I've been up close and personal with one such sign - I honestly don't
know the veracity of that story (which I've heard before, but perhaps
it was here!), but the signs themselves certainly seem in pretty good
nick if they really are *that* old. I took photos too, however I've no
idea where they are but I'll try and find them.

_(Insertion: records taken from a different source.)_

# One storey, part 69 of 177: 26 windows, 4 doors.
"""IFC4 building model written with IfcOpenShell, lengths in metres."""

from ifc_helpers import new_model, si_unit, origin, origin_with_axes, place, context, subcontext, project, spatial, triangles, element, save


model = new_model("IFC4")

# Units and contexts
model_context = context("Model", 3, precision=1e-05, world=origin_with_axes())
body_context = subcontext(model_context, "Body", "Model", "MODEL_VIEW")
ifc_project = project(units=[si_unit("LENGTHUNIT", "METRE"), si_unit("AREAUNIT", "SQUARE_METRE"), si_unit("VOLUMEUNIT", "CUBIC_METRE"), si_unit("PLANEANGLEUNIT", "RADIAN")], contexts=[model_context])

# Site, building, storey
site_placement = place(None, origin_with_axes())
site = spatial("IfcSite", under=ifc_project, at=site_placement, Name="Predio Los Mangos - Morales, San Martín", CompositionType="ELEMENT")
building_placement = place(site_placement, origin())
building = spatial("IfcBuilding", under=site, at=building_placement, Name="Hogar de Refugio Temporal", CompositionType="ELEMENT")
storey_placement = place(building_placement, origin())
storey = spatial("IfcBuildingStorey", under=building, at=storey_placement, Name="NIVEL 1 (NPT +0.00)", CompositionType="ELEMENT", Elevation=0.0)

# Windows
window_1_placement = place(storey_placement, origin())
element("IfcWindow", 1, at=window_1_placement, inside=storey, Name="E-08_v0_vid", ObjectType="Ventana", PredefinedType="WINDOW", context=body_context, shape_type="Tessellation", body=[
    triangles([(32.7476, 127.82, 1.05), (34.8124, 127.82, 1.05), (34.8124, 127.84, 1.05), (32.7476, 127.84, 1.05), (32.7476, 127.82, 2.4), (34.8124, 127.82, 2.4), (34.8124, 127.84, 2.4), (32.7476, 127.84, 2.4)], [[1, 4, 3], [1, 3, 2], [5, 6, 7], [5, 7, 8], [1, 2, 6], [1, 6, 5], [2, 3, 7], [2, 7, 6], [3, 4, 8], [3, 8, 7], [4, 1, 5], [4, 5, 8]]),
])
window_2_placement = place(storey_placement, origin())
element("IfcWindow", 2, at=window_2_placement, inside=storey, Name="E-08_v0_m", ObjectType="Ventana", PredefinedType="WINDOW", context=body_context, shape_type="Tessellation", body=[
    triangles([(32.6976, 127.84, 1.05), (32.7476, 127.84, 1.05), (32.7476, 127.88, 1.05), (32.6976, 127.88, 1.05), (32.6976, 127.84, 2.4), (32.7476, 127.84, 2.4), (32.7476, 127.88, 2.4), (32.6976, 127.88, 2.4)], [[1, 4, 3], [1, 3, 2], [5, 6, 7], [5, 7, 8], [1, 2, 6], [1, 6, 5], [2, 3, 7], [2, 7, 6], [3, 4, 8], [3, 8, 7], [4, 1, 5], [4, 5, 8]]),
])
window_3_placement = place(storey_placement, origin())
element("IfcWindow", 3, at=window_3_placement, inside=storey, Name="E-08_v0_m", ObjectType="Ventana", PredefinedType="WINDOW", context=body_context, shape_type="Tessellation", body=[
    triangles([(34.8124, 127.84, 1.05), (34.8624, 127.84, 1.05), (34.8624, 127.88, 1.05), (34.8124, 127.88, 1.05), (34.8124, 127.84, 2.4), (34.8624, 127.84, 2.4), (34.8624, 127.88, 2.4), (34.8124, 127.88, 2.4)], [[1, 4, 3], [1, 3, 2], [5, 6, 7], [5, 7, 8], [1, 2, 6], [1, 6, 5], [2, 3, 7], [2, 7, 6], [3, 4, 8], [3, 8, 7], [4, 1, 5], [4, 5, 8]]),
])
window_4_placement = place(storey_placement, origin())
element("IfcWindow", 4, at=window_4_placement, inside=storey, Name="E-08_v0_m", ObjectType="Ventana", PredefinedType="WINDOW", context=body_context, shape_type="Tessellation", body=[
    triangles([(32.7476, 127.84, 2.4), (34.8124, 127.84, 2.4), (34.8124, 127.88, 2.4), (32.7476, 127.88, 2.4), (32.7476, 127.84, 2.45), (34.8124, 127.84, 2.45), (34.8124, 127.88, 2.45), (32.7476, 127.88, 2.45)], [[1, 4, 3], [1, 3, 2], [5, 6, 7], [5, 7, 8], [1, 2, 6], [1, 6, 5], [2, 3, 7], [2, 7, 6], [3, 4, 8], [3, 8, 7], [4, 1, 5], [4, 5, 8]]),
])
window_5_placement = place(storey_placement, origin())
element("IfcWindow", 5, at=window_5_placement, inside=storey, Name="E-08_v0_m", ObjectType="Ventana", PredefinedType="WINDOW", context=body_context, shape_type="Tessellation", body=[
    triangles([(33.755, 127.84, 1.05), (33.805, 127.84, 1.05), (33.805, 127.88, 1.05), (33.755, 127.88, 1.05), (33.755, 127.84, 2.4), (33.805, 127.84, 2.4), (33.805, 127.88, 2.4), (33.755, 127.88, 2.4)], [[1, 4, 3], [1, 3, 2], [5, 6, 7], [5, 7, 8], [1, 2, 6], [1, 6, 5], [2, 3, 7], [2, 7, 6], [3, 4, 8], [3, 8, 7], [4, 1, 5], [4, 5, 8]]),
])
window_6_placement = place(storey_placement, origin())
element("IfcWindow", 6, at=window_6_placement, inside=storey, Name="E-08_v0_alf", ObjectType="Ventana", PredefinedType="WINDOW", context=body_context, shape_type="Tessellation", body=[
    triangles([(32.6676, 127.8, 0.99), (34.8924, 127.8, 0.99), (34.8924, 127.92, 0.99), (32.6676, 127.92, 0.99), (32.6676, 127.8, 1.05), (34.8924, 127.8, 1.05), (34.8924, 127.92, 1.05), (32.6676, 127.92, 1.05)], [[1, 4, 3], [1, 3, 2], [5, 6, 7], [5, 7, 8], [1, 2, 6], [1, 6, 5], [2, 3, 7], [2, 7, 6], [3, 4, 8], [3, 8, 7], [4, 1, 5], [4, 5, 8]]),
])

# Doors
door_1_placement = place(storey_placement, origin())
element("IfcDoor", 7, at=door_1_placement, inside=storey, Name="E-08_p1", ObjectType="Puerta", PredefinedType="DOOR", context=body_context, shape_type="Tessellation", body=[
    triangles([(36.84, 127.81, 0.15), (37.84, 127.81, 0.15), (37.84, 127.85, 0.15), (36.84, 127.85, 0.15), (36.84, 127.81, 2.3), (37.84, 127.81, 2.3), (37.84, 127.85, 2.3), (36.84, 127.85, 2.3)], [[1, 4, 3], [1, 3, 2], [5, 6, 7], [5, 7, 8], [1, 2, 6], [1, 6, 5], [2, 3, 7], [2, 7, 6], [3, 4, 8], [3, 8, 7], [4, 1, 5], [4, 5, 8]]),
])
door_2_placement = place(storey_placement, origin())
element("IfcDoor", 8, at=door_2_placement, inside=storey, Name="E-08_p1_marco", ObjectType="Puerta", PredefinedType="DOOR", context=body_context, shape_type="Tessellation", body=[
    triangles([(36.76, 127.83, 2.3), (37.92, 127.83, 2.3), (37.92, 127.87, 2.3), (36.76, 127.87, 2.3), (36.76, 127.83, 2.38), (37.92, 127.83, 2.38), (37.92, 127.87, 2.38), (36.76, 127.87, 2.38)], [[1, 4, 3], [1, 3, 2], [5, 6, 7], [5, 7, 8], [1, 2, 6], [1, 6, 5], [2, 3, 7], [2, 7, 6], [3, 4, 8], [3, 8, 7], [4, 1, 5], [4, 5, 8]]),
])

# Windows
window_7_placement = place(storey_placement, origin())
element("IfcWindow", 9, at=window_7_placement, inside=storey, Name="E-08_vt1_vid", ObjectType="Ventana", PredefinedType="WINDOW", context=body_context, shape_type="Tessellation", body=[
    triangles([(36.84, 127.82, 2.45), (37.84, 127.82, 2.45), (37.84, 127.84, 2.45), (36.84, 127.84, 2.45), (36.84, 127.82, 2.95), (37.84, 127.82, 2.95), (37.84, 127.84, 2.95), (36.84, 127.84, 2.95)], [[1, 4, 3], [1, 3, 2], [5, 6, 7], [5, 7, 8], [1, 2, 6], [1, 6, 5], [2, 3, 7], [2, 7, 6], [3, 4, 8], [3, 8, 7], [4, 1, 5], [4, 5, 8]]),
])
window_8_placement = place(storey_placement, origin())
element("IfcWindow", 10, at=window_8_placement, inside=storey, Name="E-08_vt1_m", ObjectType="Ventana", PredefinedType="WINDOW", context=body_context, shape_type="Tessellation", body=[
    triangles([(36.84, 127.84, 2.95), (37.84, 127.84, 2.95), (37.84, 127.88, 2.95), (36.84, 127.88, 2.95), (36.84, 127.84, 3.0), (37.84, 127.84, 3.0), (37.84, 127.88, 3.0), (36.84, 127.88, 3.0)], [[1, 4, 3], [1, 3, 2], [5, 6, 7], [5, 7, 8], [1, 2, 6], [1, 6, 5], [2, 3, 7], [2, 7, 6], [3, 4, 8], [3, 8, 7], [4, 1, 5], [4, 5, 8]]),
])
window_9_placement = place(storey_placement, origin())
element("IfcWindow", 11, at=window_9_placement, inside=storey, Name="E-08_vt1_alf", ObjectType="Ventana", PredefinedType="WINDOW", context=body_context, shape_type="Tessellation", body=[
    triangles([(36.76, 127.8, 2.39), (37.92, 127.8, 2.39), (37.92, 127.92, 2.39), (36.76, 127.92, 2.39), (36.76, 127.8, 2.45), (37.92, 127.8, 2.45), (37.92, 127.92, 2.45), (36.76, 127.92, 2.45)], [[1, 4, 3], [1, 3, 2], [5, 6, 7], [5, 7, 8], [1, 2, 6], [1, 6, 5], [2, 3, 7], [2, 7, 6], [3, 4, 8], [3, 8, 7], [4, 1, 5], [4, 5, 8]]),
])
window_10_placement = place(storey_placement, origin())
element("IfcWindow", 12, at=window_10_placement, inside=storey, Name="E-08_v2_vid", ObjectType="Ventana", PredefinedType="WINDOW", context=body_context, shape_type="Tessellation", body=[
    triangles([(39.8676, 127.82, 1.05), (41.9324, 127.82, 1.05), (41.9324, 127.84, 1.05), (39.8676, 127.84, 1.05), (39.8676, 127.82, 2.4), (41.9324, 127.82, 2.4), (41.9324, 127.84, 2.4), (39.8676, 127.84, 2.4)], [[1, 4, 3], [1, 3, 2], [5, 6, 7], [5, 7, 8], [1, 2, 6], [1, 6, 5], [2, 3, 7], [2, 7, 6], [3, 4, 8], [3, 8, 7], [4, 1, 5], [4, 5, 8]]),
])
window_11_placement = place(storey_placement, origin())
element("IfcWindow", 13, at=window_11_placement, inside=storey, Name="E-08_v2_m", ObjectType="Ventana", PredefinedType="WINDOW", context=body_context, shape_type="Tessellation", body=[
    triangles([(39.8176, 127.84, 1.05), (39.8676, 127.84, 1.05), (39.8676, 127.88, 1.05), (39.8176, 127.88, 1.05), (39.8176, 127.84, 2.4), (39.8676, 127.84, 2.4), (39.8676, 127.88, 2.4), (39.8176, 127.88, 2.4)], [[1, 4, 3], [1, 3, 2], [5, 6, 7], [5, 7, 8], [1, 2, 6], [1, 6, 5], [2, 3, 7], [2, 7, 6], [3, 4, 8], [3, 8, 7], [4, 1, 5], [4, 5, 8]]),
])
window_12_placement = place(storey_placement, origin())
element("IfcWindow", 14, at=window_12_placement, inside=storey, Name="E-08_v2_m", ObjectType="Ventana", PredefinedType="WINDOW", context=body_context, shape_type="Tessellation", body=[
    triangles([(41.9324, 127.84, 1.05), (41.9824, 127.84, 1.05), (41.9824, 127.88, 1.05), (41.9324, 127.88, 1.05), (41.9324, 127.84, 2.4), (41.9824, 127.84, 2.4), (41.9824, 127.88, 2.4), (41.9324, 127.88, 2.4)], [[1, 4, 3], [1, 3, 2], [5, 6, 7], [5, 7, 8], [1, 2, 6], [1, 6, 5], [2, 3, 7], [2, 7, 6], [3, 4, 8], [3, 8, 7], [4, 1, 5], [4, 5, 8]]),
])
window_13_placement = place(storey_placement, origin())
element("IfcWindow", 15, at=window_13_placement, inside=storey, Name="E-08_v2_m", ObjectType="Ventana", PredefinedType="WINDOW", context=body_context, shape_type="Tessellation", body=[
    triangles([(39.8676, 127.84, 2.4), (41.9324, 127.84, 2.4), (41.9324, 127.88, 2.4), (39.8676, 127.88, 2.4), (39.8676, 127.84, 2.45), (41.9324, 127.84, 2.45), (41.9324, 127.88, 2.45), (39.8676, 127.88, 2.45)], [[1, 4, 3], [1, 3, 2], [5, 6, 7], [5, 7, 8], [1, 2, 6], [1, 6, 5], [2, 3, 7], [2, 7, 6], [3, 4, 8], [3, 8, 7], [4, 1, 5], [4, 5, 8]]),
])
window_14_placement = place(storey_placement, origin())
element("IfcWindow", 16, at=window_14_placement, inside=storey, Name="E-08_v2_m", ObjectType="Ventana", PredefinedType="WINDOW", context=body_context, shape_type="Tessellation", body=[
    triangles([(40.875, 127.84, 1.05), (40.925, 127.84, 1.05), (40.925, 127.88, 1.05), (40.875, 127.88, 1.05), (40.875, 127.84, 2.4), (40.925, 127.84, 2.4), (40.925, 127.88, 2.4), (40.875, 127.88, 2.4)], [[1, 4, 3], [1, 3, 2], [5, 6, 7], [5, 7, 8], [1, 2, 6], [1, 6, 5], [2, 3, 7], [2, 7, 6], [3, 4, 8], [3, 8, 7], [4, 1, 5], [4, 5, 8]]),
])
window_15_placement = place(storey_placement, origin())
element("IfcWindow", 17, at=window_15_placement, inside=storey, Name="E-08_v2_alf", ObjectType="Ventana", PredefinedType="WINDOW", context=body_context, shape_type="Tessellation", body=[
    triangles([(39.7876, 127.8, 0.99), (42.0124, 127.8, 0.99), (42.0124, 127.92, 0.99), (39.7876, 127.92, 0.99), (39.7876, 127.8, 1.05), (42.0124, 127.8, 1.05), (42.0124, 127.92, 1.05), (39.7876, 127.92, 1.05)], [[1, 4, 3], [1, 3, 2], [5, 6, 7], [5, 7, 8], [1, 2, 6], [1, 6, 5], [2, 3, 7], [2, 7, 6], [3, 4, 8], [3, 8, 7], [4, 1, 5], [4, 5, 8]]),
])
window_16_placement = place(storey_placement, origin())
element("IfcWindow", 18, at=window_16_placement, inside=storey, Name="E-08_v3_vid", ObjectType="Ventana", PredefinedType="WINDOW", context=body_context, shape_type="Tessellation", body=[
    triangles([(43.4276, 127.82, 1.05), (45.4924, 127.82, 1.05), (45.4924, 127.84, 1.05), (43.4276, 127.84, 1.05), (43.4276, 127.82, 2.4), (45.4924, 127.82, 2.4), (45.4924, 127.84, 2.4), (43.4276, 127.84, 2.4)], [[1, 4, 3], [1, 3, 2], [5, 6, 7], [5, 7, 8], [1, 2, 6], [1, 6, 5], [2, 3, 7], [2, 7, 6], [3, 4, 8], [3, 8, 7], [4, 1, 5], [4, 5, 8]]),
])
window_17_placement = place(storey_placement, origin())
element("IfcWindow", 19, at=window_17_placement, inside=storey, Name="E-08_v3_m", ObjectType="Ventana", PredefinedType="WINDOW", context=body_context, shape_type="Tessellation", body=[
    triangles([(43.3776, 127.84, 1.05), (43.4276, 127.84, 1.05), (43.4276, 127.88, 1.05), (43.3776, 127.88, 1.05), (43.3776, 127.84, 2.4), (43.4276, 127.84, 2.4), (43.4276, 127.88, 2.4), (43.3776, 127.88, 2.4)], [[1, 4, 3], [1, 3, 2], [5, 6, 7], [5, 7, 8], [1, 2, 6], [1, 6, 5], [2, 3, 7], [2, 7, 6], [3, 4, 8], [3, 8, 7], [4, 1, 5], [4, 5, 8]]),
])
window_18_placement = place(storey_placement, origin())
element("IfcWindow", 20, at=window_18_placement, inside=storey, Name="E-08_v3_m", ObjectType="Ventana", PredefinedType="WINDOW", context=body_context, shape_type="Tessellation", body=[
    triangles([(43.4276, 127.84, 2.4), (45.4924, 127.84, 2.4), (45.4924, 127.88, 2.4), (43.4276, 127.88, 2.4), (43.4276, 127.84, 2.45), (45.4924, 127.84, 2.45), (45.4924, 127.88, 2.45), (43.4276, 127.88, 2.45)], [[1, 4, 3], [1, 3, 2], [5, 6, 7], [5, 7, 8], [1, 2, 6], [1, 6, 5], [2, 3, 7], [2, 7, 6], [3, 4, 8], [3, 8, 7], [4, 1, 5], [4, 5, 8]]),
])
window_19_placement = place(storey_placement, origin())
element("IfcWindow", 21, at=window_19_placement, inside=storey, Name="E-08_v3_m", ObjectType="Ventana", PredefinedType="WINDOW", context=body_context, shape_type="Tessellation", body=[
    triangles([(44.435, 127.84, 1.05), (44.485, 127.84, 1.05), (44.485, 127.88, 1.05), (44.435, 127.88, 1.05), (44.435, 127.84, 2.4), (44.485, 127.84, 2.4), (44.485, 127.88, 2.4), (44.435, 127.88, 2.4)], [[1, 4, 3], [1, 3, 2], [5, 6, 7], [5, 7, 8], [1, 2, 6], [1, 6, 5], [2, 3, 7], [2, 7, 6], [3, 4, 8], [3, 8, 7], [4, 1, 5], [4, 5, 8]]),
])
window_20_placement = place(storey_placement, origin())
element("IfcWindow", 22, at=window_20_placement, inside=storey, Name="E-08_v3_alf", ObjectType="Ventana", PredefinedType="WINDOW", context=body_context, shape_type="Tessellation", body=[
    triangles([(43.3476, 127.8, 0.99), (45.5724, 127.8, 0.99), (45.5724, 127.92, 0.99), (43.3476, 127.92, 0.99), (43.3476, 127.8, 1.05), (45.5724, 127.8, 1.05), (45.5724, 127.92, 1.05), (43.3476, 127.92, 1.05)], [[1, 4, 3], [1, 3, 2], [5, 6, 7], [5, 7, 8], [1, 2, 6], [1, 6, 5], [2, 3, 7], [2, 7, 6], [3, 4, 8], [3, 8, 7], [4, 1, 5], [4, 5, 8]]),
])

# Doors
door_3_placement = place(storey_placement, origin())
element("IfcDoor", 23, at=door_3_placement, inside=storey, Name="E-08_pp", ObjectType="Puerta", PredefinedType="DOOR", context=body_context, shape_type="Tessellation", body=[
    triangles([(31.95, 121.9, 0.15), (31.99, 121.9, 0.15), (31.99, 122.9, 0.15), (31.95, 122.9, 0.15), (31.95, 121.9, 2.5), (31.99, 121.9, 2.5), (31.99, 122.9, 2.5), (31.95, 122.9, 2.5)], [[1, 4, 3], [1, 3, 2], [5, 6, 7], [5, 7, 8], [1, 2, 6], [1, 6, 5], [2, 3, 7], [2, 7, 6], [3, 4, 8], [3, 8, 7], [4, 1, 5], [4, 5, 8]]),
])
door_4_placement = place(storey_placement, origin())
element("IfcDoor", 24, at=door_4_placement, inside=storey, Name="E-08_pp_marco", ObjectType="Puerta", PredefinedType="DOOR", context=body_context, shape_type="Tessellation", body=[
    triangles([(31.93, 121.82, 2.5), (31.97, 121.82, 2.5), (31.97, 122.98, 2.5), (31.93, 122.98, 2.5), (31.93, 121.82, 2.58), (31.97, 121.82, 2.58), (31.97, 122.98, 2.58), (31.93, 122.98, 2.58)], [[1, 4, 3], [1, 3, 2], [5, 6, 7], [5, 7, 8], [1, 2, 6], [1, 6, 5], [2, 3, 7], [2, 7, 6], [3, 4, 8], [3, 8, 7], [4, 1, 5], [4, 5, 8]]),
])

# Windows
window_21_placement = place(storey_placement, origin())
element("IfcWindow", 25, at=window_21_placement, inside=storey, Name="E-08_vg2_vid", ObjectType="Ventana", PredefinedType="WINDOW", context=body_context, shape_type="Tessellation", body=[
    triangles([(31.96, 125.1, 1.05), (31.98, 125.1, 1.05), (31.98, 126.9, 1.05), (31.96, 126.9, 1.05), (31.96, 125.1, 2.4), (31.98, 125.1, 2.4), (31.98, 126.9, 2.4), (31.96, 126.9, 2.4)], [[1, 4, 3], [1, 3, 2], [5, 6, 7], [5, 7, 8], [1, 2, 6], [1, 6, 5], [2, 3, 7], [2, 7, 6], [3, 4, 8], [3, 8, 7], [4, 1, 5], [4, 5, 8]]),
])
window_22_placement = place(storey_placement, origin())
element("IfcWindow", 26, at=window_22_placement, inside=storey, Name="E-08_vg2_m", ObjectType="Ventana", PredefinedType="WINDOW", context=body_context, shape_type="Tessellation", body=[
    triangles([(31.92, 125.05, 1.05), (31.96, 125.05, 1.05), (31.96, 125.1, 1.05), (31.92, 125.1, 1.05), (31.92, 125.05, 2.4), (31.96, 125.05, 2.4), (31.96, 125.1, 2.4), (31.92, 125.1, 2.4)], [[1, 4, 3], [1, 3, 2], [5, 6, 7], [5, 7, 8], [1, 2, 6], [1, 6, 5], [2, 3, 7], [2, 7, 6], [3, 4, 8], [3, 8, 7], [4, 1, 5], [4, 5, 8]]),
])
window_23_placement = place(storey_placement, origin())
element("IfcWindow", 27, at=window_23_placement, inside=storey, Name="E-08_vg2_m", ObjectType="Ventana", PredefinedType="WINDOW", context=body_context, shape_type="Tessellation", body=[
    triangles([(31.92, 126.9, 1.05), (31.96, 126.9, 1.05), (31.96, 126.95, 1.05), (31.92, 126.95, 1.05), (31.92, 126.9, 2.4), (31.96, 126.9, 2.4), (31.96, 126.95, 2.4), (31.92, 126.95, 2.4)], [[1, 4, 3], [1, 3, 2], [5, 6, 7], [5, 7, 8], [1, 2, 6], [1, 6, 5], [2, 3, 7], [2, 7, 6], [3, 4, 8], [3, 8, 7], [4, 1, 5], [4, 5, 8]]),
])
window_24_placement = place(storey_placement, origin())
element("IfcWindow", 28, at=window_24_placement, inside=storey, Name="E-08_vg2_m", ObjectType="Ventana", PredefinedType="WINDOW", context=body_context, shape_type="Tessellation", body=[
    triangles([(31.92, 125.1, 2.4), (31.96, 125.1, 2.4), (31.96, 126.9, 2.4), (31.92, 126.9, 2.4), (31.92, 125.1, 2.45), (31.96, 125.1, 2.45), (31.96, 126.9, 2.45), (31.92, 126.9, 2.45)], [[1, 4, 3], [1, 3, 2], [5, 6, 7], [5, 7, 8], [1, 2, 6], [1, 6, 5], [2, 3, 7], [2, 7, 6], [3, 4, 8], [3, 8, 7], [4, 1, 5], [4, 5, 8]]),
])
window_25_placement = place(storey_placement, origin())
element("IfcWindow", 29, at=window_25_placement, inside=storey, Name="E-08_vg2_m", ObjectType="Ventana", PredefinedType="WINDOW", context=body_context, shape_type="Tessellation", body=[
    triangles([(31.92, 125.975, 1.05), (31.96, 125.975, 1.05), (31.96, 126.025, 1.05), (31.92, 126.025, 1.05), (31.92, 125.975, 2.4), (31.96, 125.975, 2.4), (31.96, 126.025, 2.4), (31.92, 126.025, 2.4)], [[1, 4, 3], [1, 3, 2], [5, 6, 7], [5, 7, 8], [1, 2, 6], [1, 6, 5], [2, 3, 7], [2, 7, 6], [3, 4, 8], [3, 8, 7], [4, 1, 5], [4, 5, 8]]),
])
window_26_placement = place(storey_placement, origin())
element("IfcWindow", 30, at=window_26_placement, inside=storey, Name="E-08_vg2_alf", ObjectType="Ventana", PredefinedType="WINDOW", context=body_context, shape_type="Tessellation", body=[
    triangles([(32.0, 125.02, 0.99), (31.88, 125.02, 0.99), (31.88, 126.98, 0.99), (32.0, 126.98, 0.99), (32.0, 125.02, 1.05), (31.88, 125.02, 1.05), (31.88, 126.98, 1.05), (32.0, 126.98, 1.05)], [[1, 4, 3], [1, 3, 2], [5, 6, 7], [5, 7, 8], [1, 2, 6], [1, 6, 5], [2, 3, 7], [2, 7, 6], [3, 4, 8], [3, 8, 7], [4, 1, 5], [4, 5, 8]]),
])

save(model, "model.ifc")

(I actually had various thoughts about them being maintained
particularly well by the Borough roads people, and one though that's
just come to me is that perhaps they replaced old signs like for like
with other old but unused ones inherited from the stores of Middlesex
CC.)


I imagine there are still signs in parts of Slovenia suggesting that
it's in Yugoslavia; I'm equally sure that these don't mean Yugoslavia
exists.


To an extent, Middlesex exists as a place in the sense that people
think it exists - in that sense it's much like any other place name.
There's all those many things named after Middlesex of course -
there's Middlesex County Cricket Club for example, and there's also
North Middlesex and West Middlesex hospitals (and there was (Central)
Middlesex Hospital, now merged with UCH). Middlesex also continued to
exist as a postal county up until the Royal Mail abandoned the notion
of postal counties, so properly addressed letters included Middlesex
on the last line (this issue is somewhat complicated as a good chunk
of metropolitan Middlesex was already in the London postal district).